▸ WHAT THIS TASK INVOLVES
Restate the records below word for word, and omit the images they hold.

▸ DATA SUPPLIED
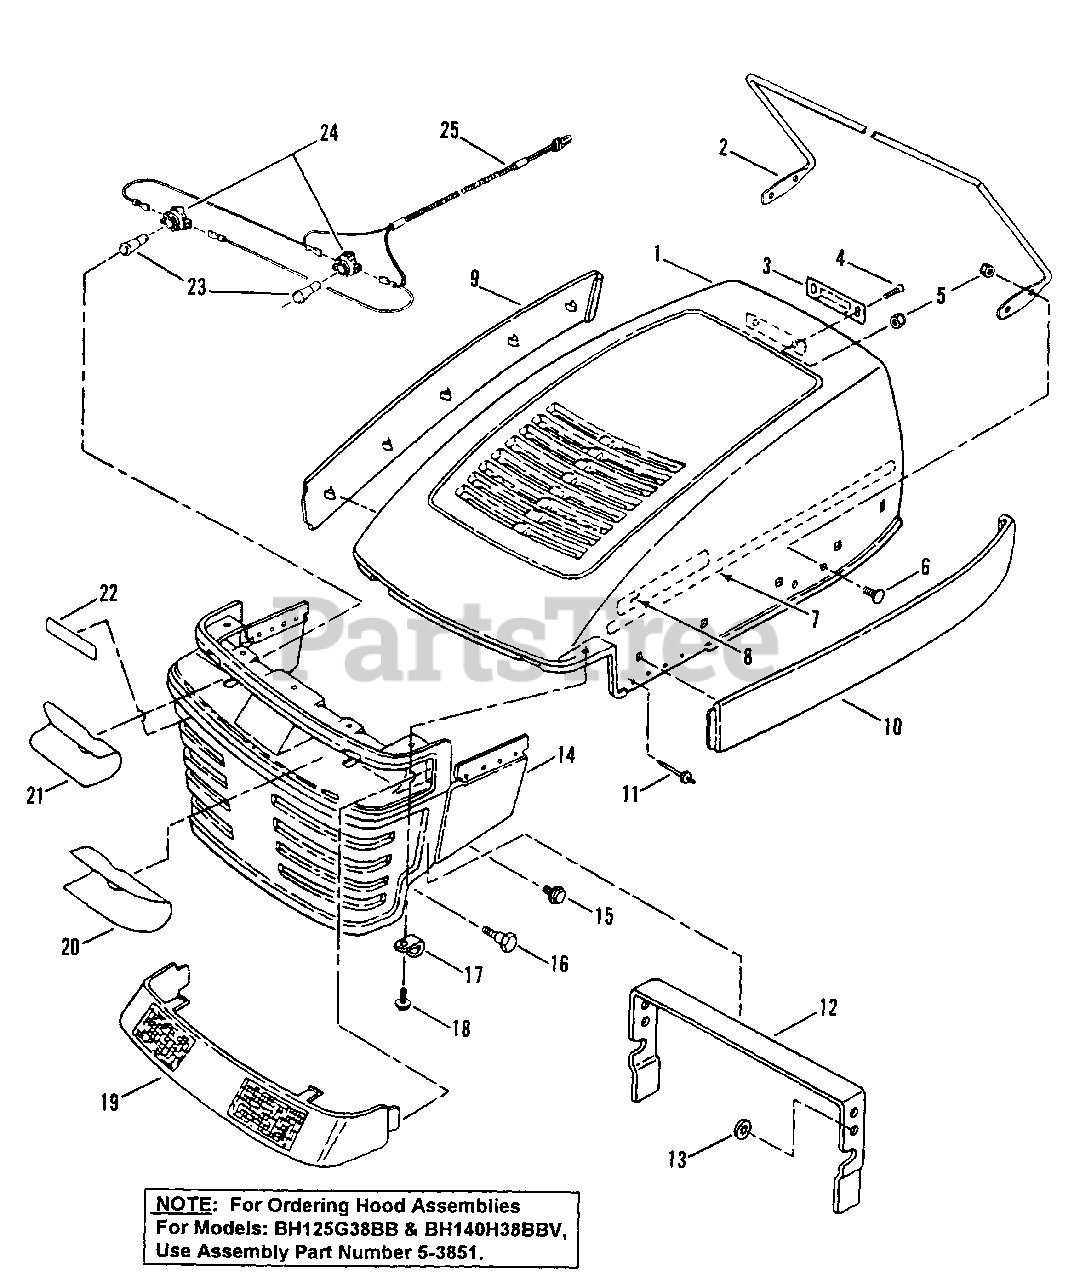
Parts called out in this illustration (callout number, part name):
1	HOOD, BLACKHAWK
2	ROD, Hood Support
3	LATCH, Spring
4	SCREW, 1/4-20 x 5/8" Truss Head, Torx
5	NUT, 1/4-20 Hex Nyloc
6	BOLT, 1/4-20 x 5/8" Flat Head Carriage
7	DECAL, Hood (Right Side)
7	DECAL, Hood (Left Side)
8	LOGO - BLACKHAWK
9	PANEL, Hood (Right Hand)
10	PANEL, Hood (Left Hand)
11	RIVET, 1/8" Pop
12	BRACE, Hood Support
13	RETAINER, Bolt
14	GRILLE, Hood
15	SCREW, 5/16-18 x 1/2" Hex Washer Head, Self-Tapping
16	BOLT, Shoulder, 3/8-16 x 1 1/4" Hex Socket, Torx
17	CLip, "J"
18	SCREW, M4.8 x 1.59 x 16.00MM, Special
19	LENS, Grille (Headlights)
20	DECAL, Reflect (Left Hand)
21	DECAL, Reflect (Right Hand)
22	LOGO - BLACKHAWK, 14HP Hydro Model BH140H38BBV
22	LOGO - BLACKHAWK, 12HP Gear Drive Model BH125G38BB
23	BULB, Headlights
24	SOCKET, Headlight Bulb
25	HARNESS, Headlight Wiring
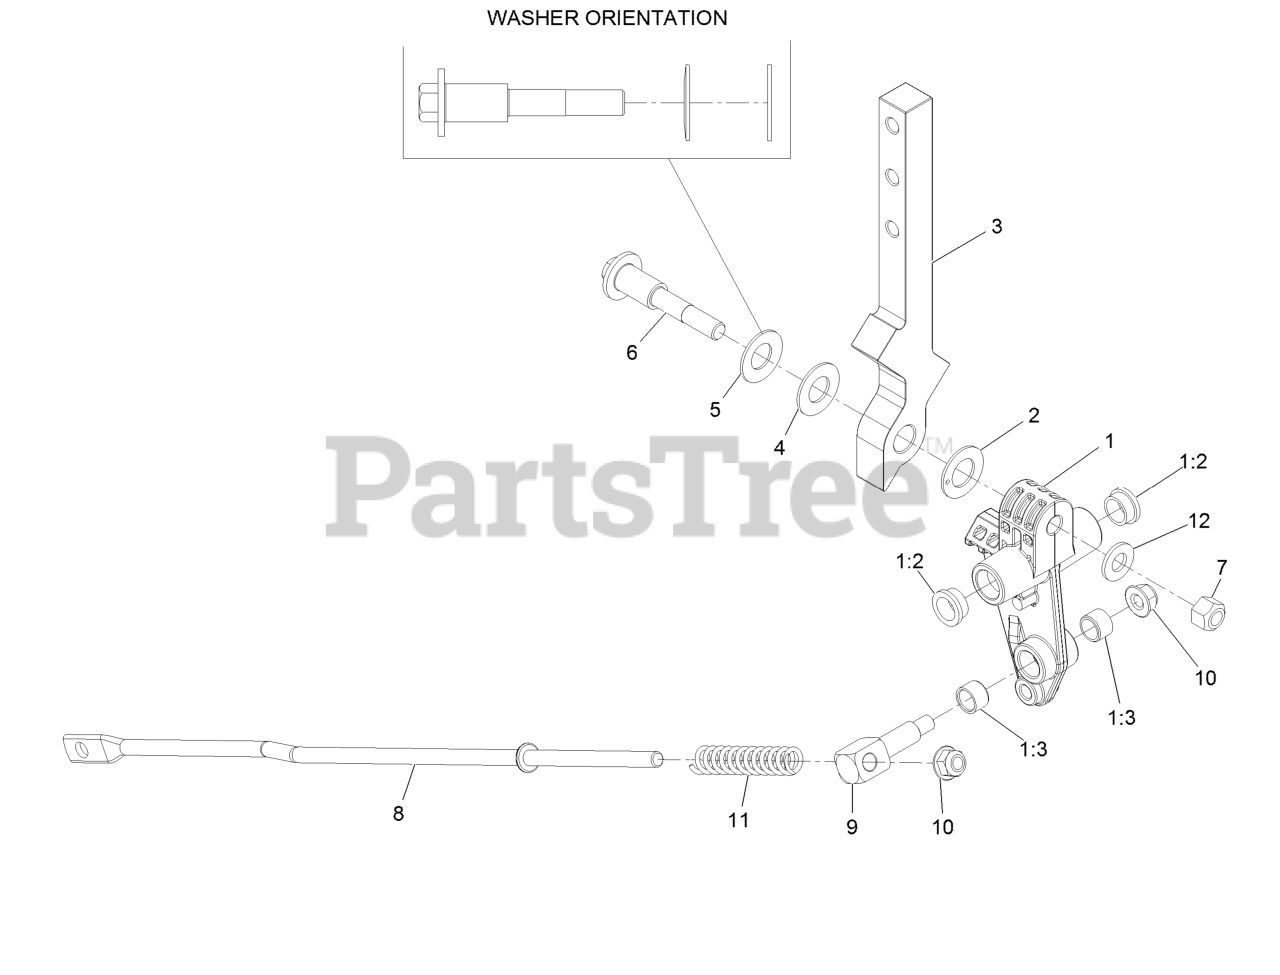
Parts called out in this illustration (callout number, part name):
1	Control Arm ASM
1:2	Bushing
1:3	Bushing-Sleeve
2	Washer-Friction
3	Arm-Control
5	Washer-Belleville
6	Bolt-Pivot
7	Nut-Hex 3/8-16 Lock
8	Link-Control
10	Nut-Nyloc 5/16-18 Flg
11	Spring-Return, Neutral
12	Washer-3/8 SAE
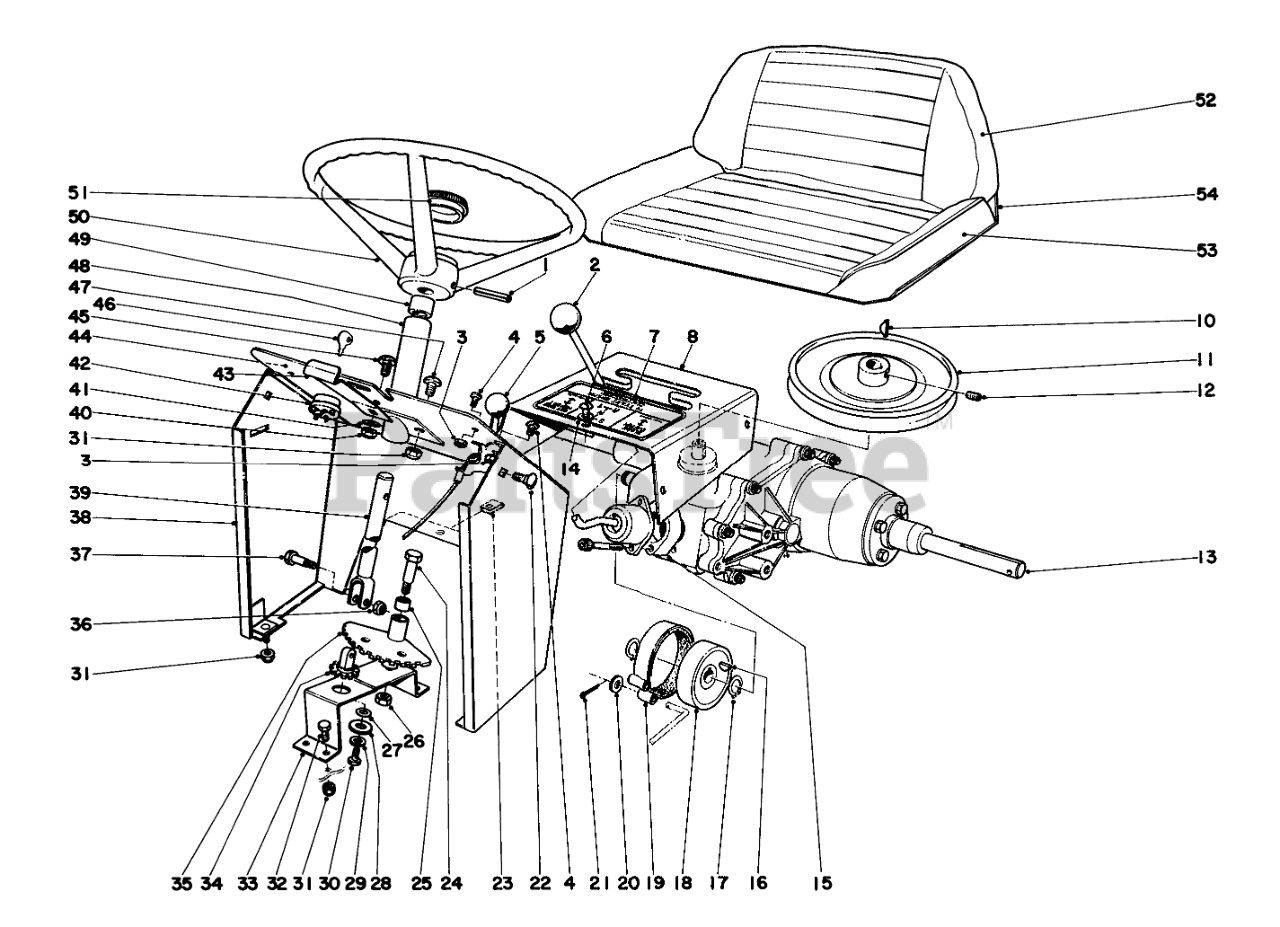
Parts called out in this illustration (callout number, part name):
1	PIN-ROLL
3	NUT-KEPS
5	Throttle Control
6	SCREW
7	Decal-Shift Pattern
8	Tunnel
10	KEY-WOODRUFF
11	Pulley
12	Set Screw
13	Transaxle
14	WASHER-LOCK
15	Extension Shift Housing
16	KEY-WOODRUFF
17	RING-SNAP, EXTERNAL
18	Brake Drum
19	Brake Band
20	WASHER-FLAT
21	PIN-COTTER
22	BOLT-CARR
23	SPEED NUT
24	Shoulder Bolt
25	BUSHING
26	Nut
27	Spacer
28	Washer
29	WASHER-LOCK
30	SCREW-HH
31	NUT-LOCK, CONE
32	SCREW-HH
33	Bracket
34	Pinion Steering
35	Gear Steering
36	NUT-HEX
37	Screw Shoulder
39	Steering Shaft
40	NUT-LOCK, CONE
41	WASHER-FLAT
42	STARTER SWITCH
43	Hood Latch
44	Decal Dash
45	Carriage Bolt
46	Key
47	Round Head Screw
48	Steering Tube
49	BUSHING
50	Steering Wheel
51	Steering Wheel Cap
52	Seat Back
53	Seat Cushion
54	Frame-Seat

▸ TASK ANSWER
Parts called out in this illustration (callout number, part name):
1	HOOD, BLACKHAWK
2	ROD, Hood Support
3	LATCH, Spring
4	SCREW, 1/4-20 x 5/8" Truss Head, Torx
5	NUT, 1/4-20 Hex Nyloc
6	BOLT, 1/4-20 x 5/8" Flat Head Carriage
7	DECAL, Hood (Right Side)
7	DECAL, Hood (Left Side)
8	LOGO - BLACKHAWK
9	PANEL, Hood (Right Hand)
10	PANEL, Hood (Left Hand)
11	RIVET, 1/8" Pop
12	BRACE, Hood Support
13	RETAINER, Bolt
14	GRILLE, Hood
15	SCREW, 5/16-18 x 1/2" Hex Washer Head, Self-Tapping
16	BOLT, Shoulder, 3/8-16 x 1 1/4" Hex Socket, Torx
17	CLip, "J"
18	SCREW, M4.8 x 1.59 x 16.00MM, Special
19	LENS, Grille (Headlights)
20	DECAL, Reflect (Left Hand)
21	DECAL, Reflect (Right Hand)
22	LOGO - BLACKHAWK, 14HP Hydro Model BH140H38BBV
22	LOGO - BLACKHAWK, 12HP Gear Drive Model BH125G38BB
23	BULB, Headlights
24	SOCKET, Headlight Bulb
25	HARNESS, Headlight Wiring
Parts called out in this illustration (callout number, part name):
1	Control Arm ASM
1:2	Bushing
1:3	Bushing-Sleeve
2	Washer-Friction
3	Arm-Control
5	Washer-Belleville
6	Bolt-Pivot
7	Nut-Hex 3/8-16 Lock
8	Link-Control
10	Nut-Nyloc 5/16-18 Flg
11	Spring-Return, Neutral
12	Washer-3/8 SAE
Parts called out in this illustration (callout number, part name):
1	PIN-ROLL
3	NUT-KEPS
5	Throttle Control
6	SCREW
7	Decal-Shift Pattern
8	Tunnel
10	KEY-WOODRUFF
11	Pulley
12	Set Screw
13	Transaxle
14	WASHER-LOCK
15	Extension Shift Housing
16	KEY-WOODRUFF
17	RING-SNAP, EXTERNAL
18	Brake Drum
19	Brake Band
20	WASHER-FLAT
21	PIN-COTTER
22	BOLT-CARR
23	SPEED NUT
24	Shoulder Bolt
25	BUSHING
26	Nut
27	Spacer
28	Washer
29	WASHER-LOCK
30	SCREW-HH
31	NUT-LOCK, CONE
32	SCREW-HH
33	Bracket
34	Pinion Steering
35	Gear Steering
36	NUT-HEX
37	Screw Shoulder
39	Steering Shaft
40	NUT-LOCK, CONE
41	WASHER-FLAT
42	STARTER SWITCH
43	Hood Latch
44	Decal Dash
45	Carriage Bolt
46	Key
47	Round Head Screw
48	Steering Tube
49	BUSHING
50	Steering Wheel
51	Steering Wheel Cap
52	Seat Back
53	Seat Cushion
54	Frame-Seat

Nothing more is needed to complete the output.